We consider a loss function with the training data. We use metrics such as accuracy or RMSE with the validation data. Loss functions are better for optimization purposes. Metrics do not usually have a "gradient" nor are easy to directly optimize, so we use them in validation.

**Question 12: What is SGD?**

*My answer:* The stochastic gradient descent is a variant of the gradient descent where we use a random sample or batch to optimize the parameters of the function (instead of the whole training data)

*Proper answer:* In both gradient descent (GD) and stochastic gradient descent (SGD), you update a set of parameters in an iterative manner to minimize an error function.

While in GD, you have to run through ALL the samples in your training set to do a single update for a parameter in a particular iteration, in SGD, on the other hand, you use ONLY ONE or SUBSET of training sample from your training set to do the update for a parameter in a particular iteration. If you use SUBSET, it is called Minibatch Stochastic gradient Descent.

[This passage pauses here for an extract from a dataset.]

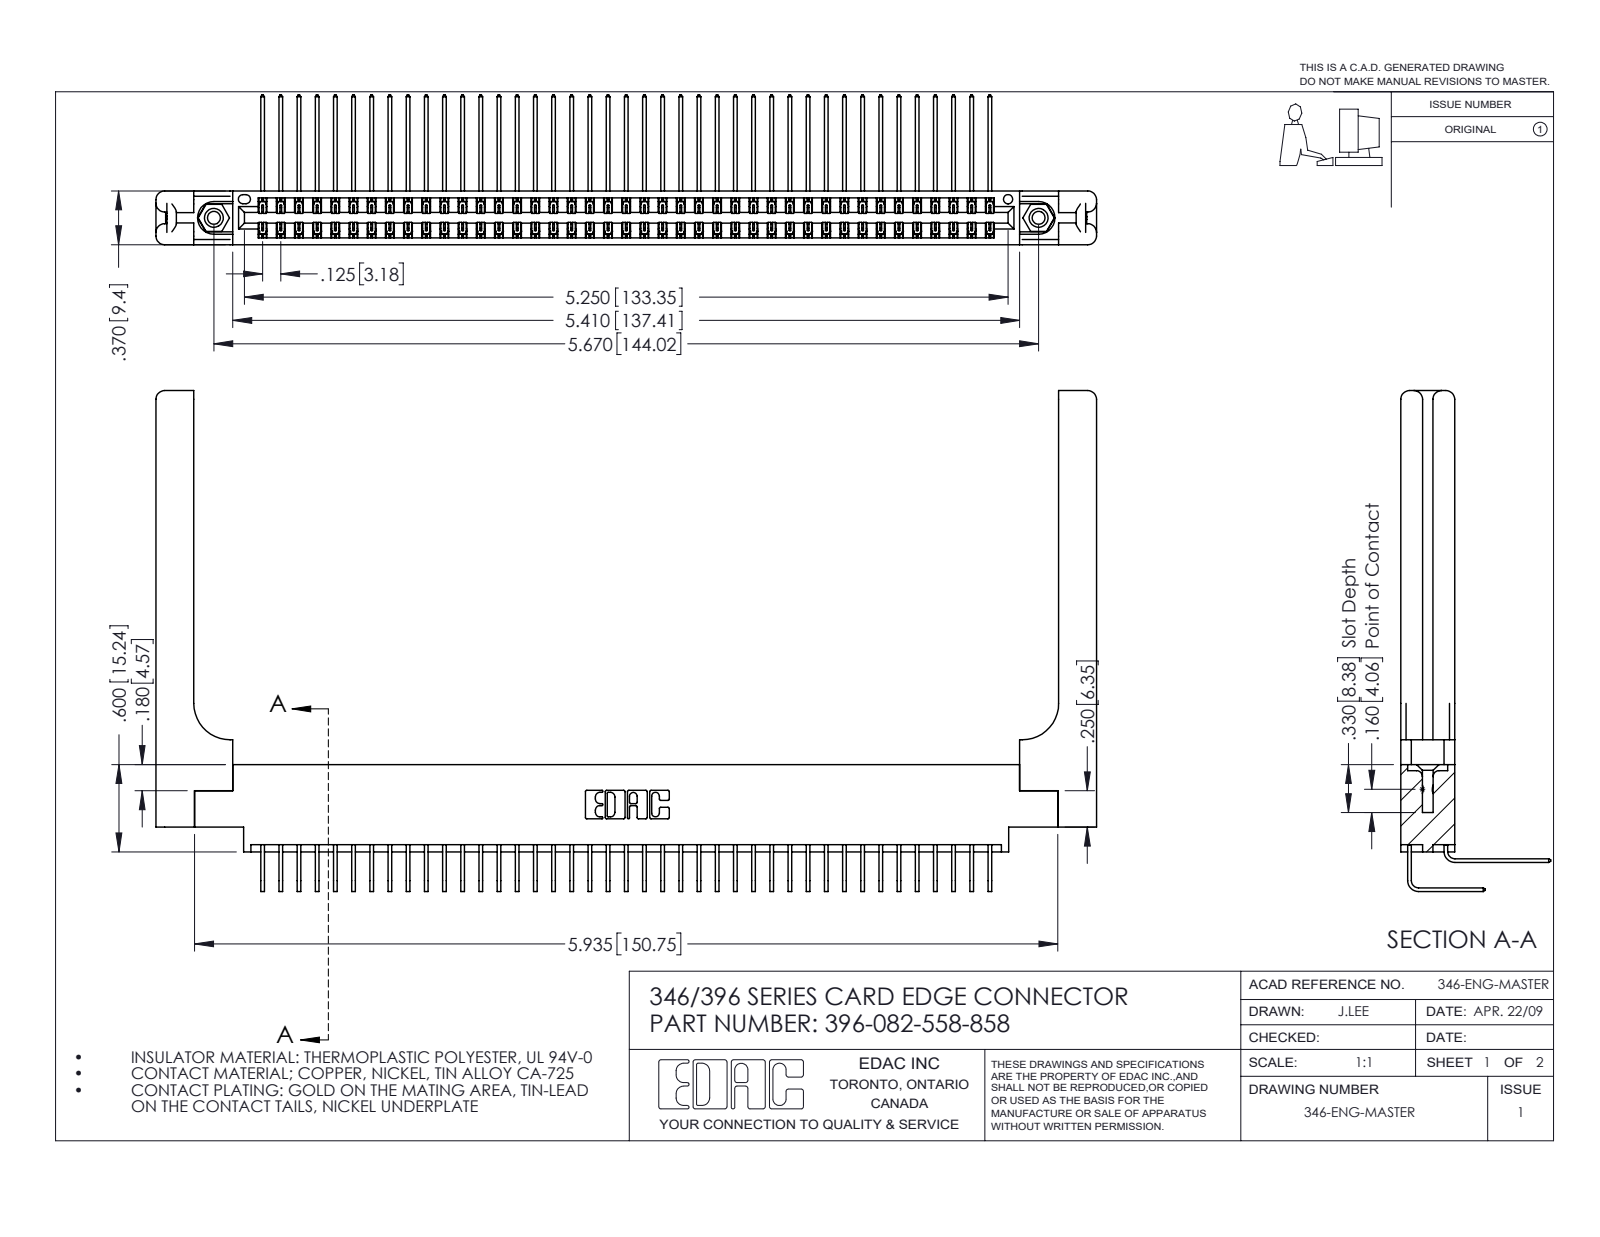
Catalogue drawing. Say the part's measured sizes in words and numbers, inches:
The part is named "345-250-001_345-250-001-102; 346 Part_0.170 Offset - 0.156 Dia-TH; 345-292-001_558 559 Tail - 1; 396-082-558-858 (+2 more)". Its 3-D file was written by "SolidWorks 2016 (CONFIG_CONTROL_DESIGN)". It is 87 solids with 4810 faces: 3262 planar, 1488 cylindrical and 60 other. Overall it measures 6.466 by 3.443 by 1.03 inches. Its volume is 1.454 cubic inches and its surface area 46.26 square inches. Round holes: 2 of diameter 0.089, 2 of diameter 0.125, 2 of diameter 0.156, 1 of diameter 0.064. Round bosses or shafts: 2 of diameter 0.155. Partial cylindrical surfaces (rounded edges, fillets, slot ends): 123 of radius 0.006, 22 of radius 0.01, 16 of radius 0.06, 6 of radius 0.007, 6 of radius 0.031, 3 of radius 0.026, 2 of radius 0.014, 2 of radius 0.022. The main face-to-face distances are 0.322, 0.37, 0.048, 0.072, 0.025, 0.298, 0.148, 0.15, 0.25, 0.275. The hole center spacings are 0.246, 5.461, 5.67.

**Question 13: Why does SGD use mini-batches?**

If the number of training samples is very large, then using gradient descent may take too long because in every iteration you are running through the complete training set. Instead, every iteration of SGD only considers a handful of training samples and updates the parameters with them.


**Question 14: What are the seven steos ub SGD for machine learning?**

1. Initialize
2. Predict
3. Estimate loss
4. Calculate gradient
5. Update parameter values with gradient (i.e., step)
6. Repeat the process
7. Stop if the number of epochs is reached or if the loss did not decrease enough


**Question 15: How do we initialize the weights in a model?**

There may be multiple approaches. In our case, we use random values. Andrew Ng proposes to use small random values.

**Question 16: What is loss?**

The loss function measures the ability of our model to represent and predict the training data. We use a function that can be easily optimized, usually via a gradient descent method.

**Question 17: Why can't we always use a high learning rate?**

The learning rate is a parameter of the gradient descent algorithm that establishes the "step size" of the algorithm. A learning rate that is too large can cause the model to converge too quickly to a suboptimal solution, whereas a learning rate that is too small can cause the process to get stuck.

**Question 18: What is a gradient?**

In *mathematics*, the gradient of a function is another function that corresponds to its first derivative. However, in *deep learning* the gradient usually refers to the value of the function's derivative at a particular argument value

**Question 19: Do you need to calculate gradients yourself?**

By using Pytorch and other libraries with automatic differentiation, we are not required to know how to estimate the gradients ourselves.

**Question 20: Why can't we use accuracy as a loss function?**

Because its gradient could not be optimized.